BBC News: Norfolk and Suffolk mental health trust plans £36m savings

Michael Scott has announced a further £36 million of cuts/savings at Norfolk & Suffolk NHS Foundation Trust (NSFT) on top of the £44 million cuts/savings of the radical redesign which directly led to NSFT’s inadequate rating by the CQC and Special Measures. That’s a total of £80 million of cuts/savings over eight years but, as these cuts/savings are cumulative, it means around £300 million won’t be spent on mental health services in Norfolk and Suffolk over the period. At the same time, millions of pounds has been diverted from mental to physical health whatever is bleated about ‘parity of esteem.’ NSFT’s annual budget is around £200 million.
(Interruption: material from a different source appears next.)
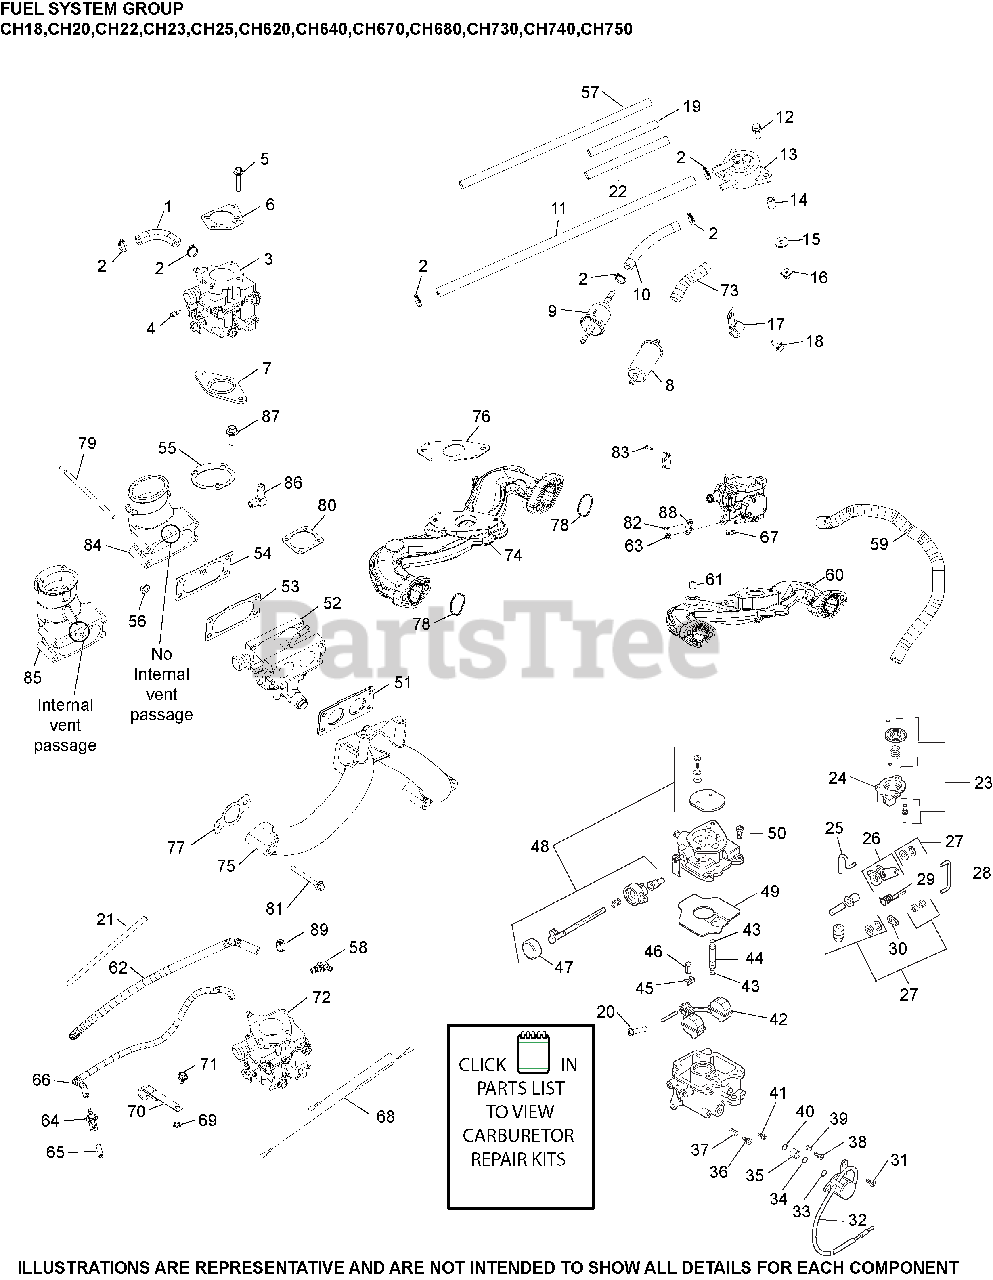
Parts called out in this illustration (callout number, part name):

Mental health is a people business and 80% of the cost of running NSFT is employing people. We’ve already seen the devastating impact of the radical redesign at NSFT. Who and what is going to be cut/saved next?

It is worth re-reading what Tracey Lambert of Unison wrote about the lack of accountability of the NHS bureaucracy. Lambert was writing about Jonathon Fagge and Norwich CCG but her analysis is equally applicable to the spreadsheet junkies at the Magnificent Seven CCGs, NHS England, Monitor and the Department of Health. As each group of bureaucrats claims it isn’t culpable for the catastrophe in mental health services, the crisis deepens; all get paid handsomely but nobody takes responsibility. The architect of the radical redesign even got promoted.

Worrying times.

The NHS bureaucracy likes to pretend that there is no alternative to the cuts/savings. There is an alternative: funding mental health services adequately.
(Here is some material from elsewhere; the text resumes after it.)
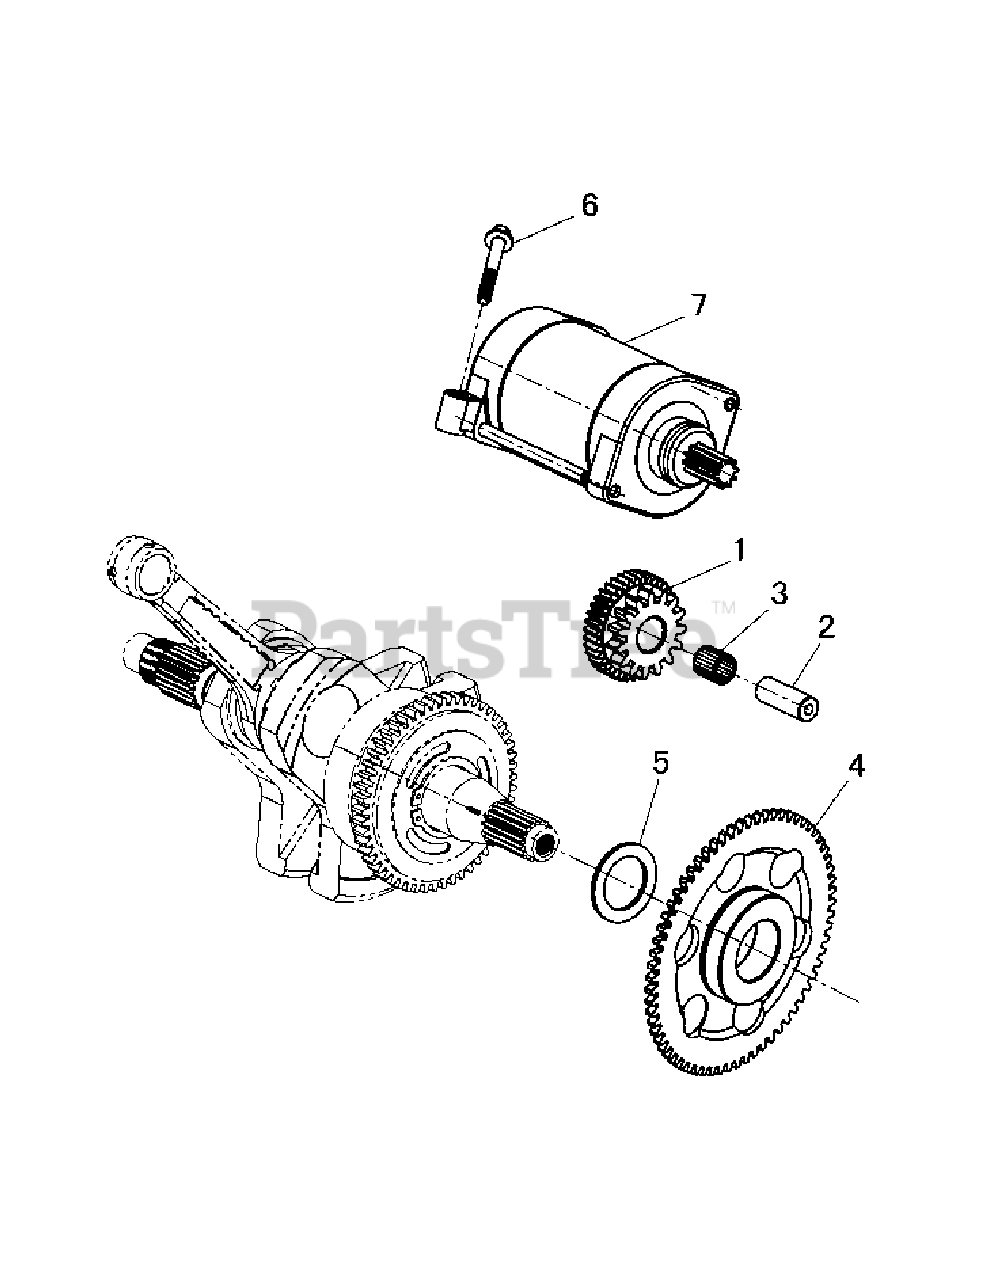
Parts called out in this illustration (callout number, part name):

Click on the image below to read Nic Rigby’s story on the BBC News website:

BBC News Norfolk and Suffolk mental health trust plans £36m savings

 

 

35 thoughts on “BBC News: Norfolk and Suffolk mental health trust plans £36m savings”
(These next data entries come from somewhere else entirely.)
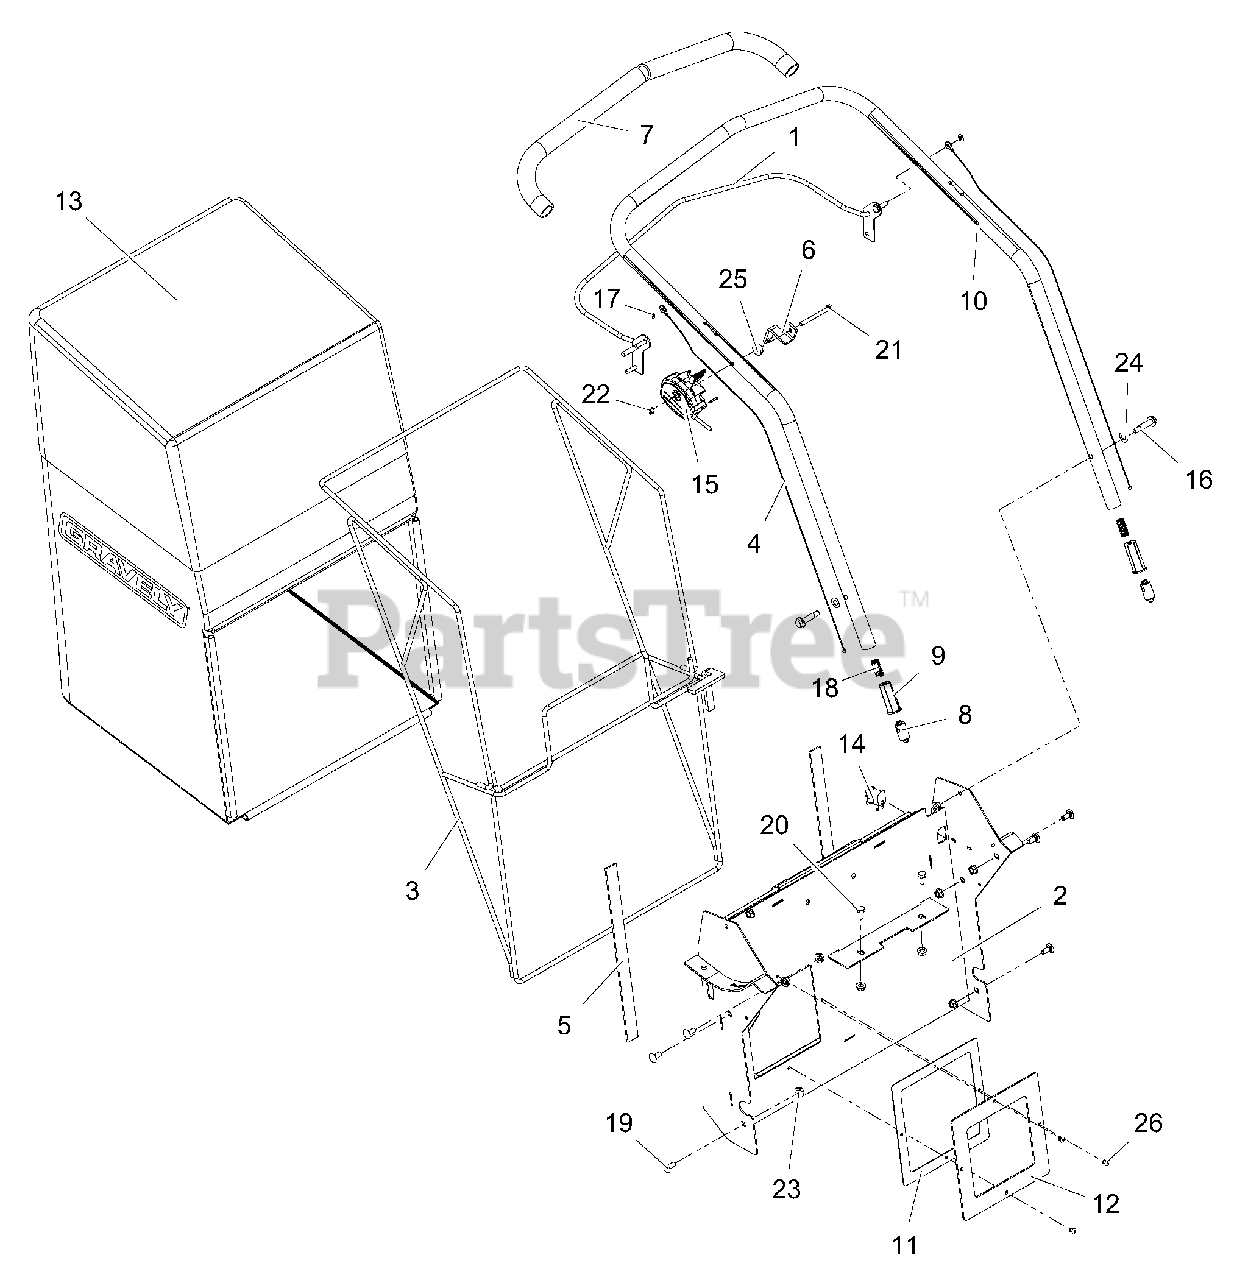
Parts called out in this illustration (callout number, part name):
1	WLDMT, BAIL,TRACTION APV
2	WLDMT, BAG BACKING PLATE
3	WLDMT, BAG FRAME - APV
4	CABLE, ADJUSTABLE HANDLEBAR
5	TAPE, FOAM - .12 x 1.00 VINYL
6	ANCHOR, CABLE
7	GRIP-HANDLEBAR, UPPER
8	PIN, LM HANDLEBAR LOCKING
9	HANDLEBAR ADJUSTMENT INSERT
10	HANDLEBAR, APV
11	PLATE, SEAL BACKER
12	SEAL, RUBBER
13	BAG, GRAVELY APV - FELT
14	SWITCH, SNAP MTG. N.C. W/BOOT
15	CABLE, THROTTLE /CHOKE 37.25"
16	BLT, SHLDR .50 x 1.30 x .38-16 GR5
17	NUT, PUSH .25 x .50 O.D.
18	SPRG, COMPRESSION
19	BLT-RDHDSQNK .31-18 x .75 G5 YWZC
20	BLT-HEX .31-18 x .625 GR5 YWZC
21	BLT-HEX .25-20 x 2.75 GR5 YWZC
22	NUT-LK-CTR .25-20 YWZC
23	NUT, LK-TOP-FLG .312-18 YWZC
24	WSHR-FL-STL .385 x .745 x .030 YWZC
25	WSHR-FL-STL .328 x .87 x .179 YWZC
26	RVT-POP .187 x .250 (#64) YWZC

  1. At some point people are going to have to wake up and realise that you can’t run an effective service on the budgets that are being proposed and that the talking heads like Mr Scott are merely Aunt Sally type figures to spout their platitudes and absorb the flak from the user groups whilst the ‘service’ dwindles into nothing. As has been mentioned above the third sector providers are increasingly bearing the brunt of the loss in capacity and whilst they do a great job with scant resources they will eventually break under the strain.